Health departments have been deploying text classification systems for the early detection of foodborne illness complaints in social media documents such as Yelp restaurant reviews. Current systems have been successfully applied for documents in English and, as a result, a promising direction is to increase coverage and recall by considering documents in additional languages, such as Spanish or Chinese. Training previous systems for more languages, however, would be expensive, as it would require the manual annotation of many documents for each new target language. To address this challenge, we consider cross-lingual learning and train multilingual classifiers using only the annotations for English-language reviews. Recent zero-shot approaches based on pre-trained multi-lingual BERT (mBERT) have been shown to effectively align languages for aspects such as sentiment.
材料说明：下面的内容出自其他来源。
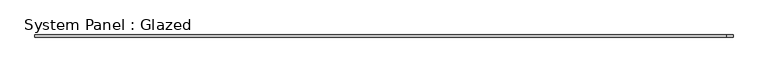
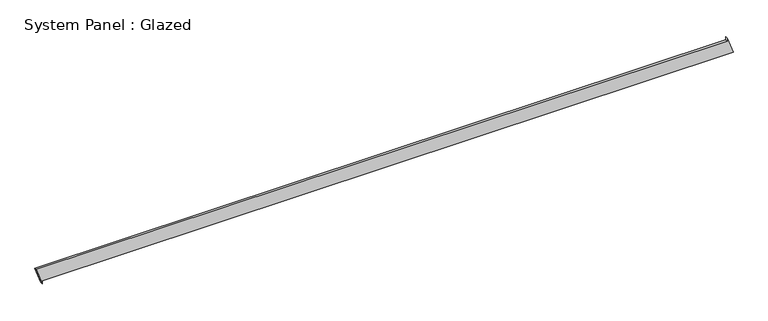
"""IFC4 building model written with IfcOpenShell, lengths in millimetres: plate geometry, System Panel : Glazed."""

from ifc_helpers import new_model, si_unit, frame, origin, place, context, project, spatial, polyline, outline, extrude, source, transform, mapped, element, save


def system_panel_glazed_fe5ea76c(model_context):
    return source(origin(), model_context, "Body", "SweptSolid", [
        extrude(outline(polyline([(0.0, -3956.7629895), (35.3553391, -3956.7629895), (35.3553391, 4027.1398136), (235.0472205, 3956.767991), (199.6918814, 3956.7680004), (199.6897639, -4027.1398136), (0.0, -3956.7629895)])), frame((0.0, -49.5, 0.0), z_axis=(0.0, 1.0, 0.0), x_axis=(0.0, 0.0, 1.0)), (0.0, 0.0, 1.0), 25.0),
    ])


if __name__ == "__main__":
    model = new_model("IFC4")
    model_context = context("Model", 3, world=origin())
    ifc_project = project(units=[si_unit("LENGTHUNIT", "METRE", prefix="MILLI")], contexts=[model_context])
    site = spatial("IfcSite", under=ifc_project)
    building = spatial("IfcBuilding", under=site)
    placement = place(None, origin())
    system_panel_glazed_shape = system_panel_glazed_fe5ea76c(model_context)
    element("IfcPlate", 1, ObjectType="System Panel : Glazed", at=placement, inside=building, context=model_context, shape_type="MappedRepresentation", body=[
        mapped(system_panel_glazed_shape, transform((0.0, 0.0, 0.0), x_axis=(1.0, 0.0, 0.0), y_axis=(0.0, 1.0, 0.0), z_axis=(0.0, 0.0, 1.0))),
    ])
    save(model, "model.ifc")

# Revit data of these elements
# Element 1 (IfcPlate, "System Panel : Glazed")
#   Materials on its faces: "Glass"
# Materials
#   "Glass": class "Glass", colour RGB 218 227 224, transparency 0.85, Description = "Soda Lime Glass", Cost = 0
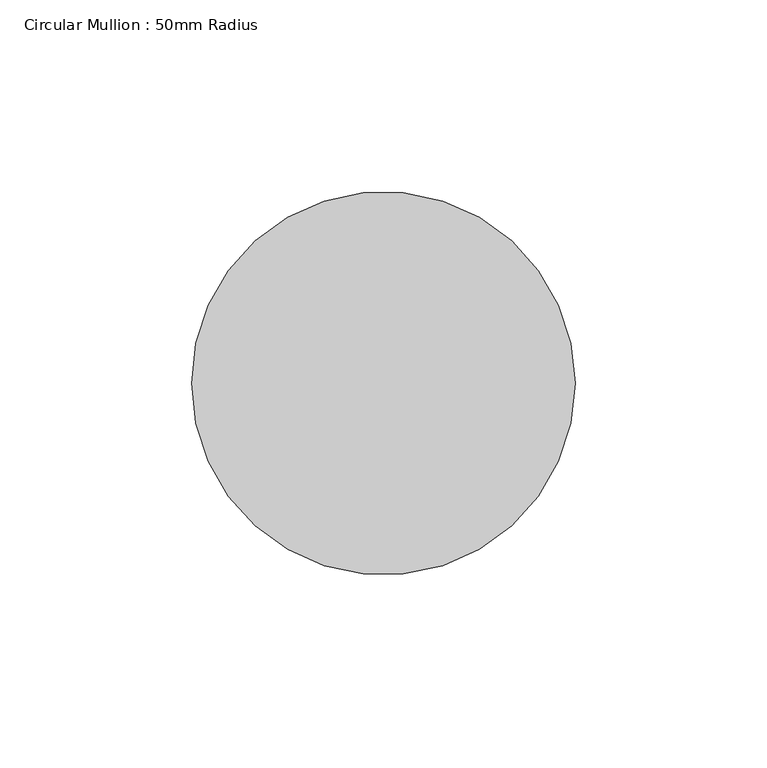
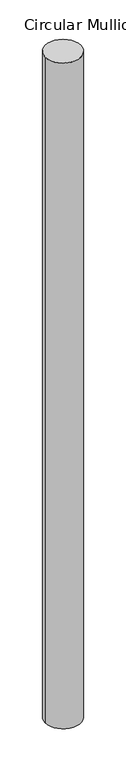
"""IFC4 building model written with IfcOpenShell, lengths in millimetres: member geometry, Circular Mullion : 50mm Radius."""

from ifc_helpers import new_model, si_unit, point, frame, origin, origin_2d, place, context, project, spatial, circle_curve, trimmed, segment, composite_curve, outline, extrude, source, transform, mapped, element, save


def circular_mullion_50mm_radius_26d8bbea(model_context):
    return source(origin(), model_context, "Body", "SweptSolid", [
        extrude(outline(composite_curve([segment(trimmed(circle_curve(origin_2d(), 50.0), [point((50.0, 0.0))], [point((-50.0, 0.0))], False, "CARTESIAN"), True, "CONTINUOUS"), segment(trimmed(circle_curve(origin_2d(), 50.0), [point((-50.0, 0.0))], [point((50.0, 0.0))], False, "CARTESIAN"), True, "CONTINUOUS")], self_intersect=False)), frame((0.0, 0.0, -1960.0553567), z_axis=(0.0, 0.0, 1.0), x_axis=(1.0, 0.0, 0.0)), (0.0, 0.0, 1.0), 1960.0553567),
    ])


if __name__ == "__main__":
    model = new_model("IFC4")
    model_context = context("Model", 3, world=origin())
    ifc_project = project(units=[si_unit("LENGTHUNIT", "METRE", prefix="MILLI")], contexts=[model_context])
    site = spatial("IfcSite", under=ifc_project)
    building = spatial("IfcBuilding", under=site)
    placement = place(None, origin())
    circular_mullion_50mm_radius_shape = circular_mullion_50mm_radius_26d8bbea(model_context)
    element("IfcMember", 1, ObjectType="Circular Mullion : 50mm Radius", at=placement, inside=building, context=model_context, shape_type="MappedRepresentation", body=[
        mapped(circular_mullion_50mm_radius_shape, transform((0.0, 0.0, 0.0), x_axis=(1.0, 0.0, 0.0), y_axis=(0.0, 1.0, 0.0), z_axis=(0.0, 0.0, 1.0))),
    ])
    save(model, "model.ifc")

# Revit data of these elements
# Type "Circular Mullion : 50mm Radius"
#   built-in parameter 1007350 = 0.164042 (stored number, unit not read)
# Element 1 (IfcMember, "Circular Mullion : 50mm Radius")
#   Materials on its faces: "Aluminium"
# Materials
#   "Aluminium": class "Metal", colour RGB 247 247 247, transparency 0, Description = "Aluminium 6061", Cost = 0

Interestingly, we show that those approaches are less effective for capturing the nuances of foodborne illness, our public health application of interest. To improve performance without extra annotations, we create artificial training documents in the target language through machine translation and train mBERT jointly for the source (English) and target language. Furthermore, we show that translating labeled documents to multiple languages leads to additional performance improvements for some target languages. We demonstrate the benefits of our approach through extensive experiments with Yelp restaurant reviews in seven languages. Our classifiers identify foodborne illness complaints in multilingual reviews from the Yelp Challenge dataset, which highlights the potential of our general approach for deployment in health departments.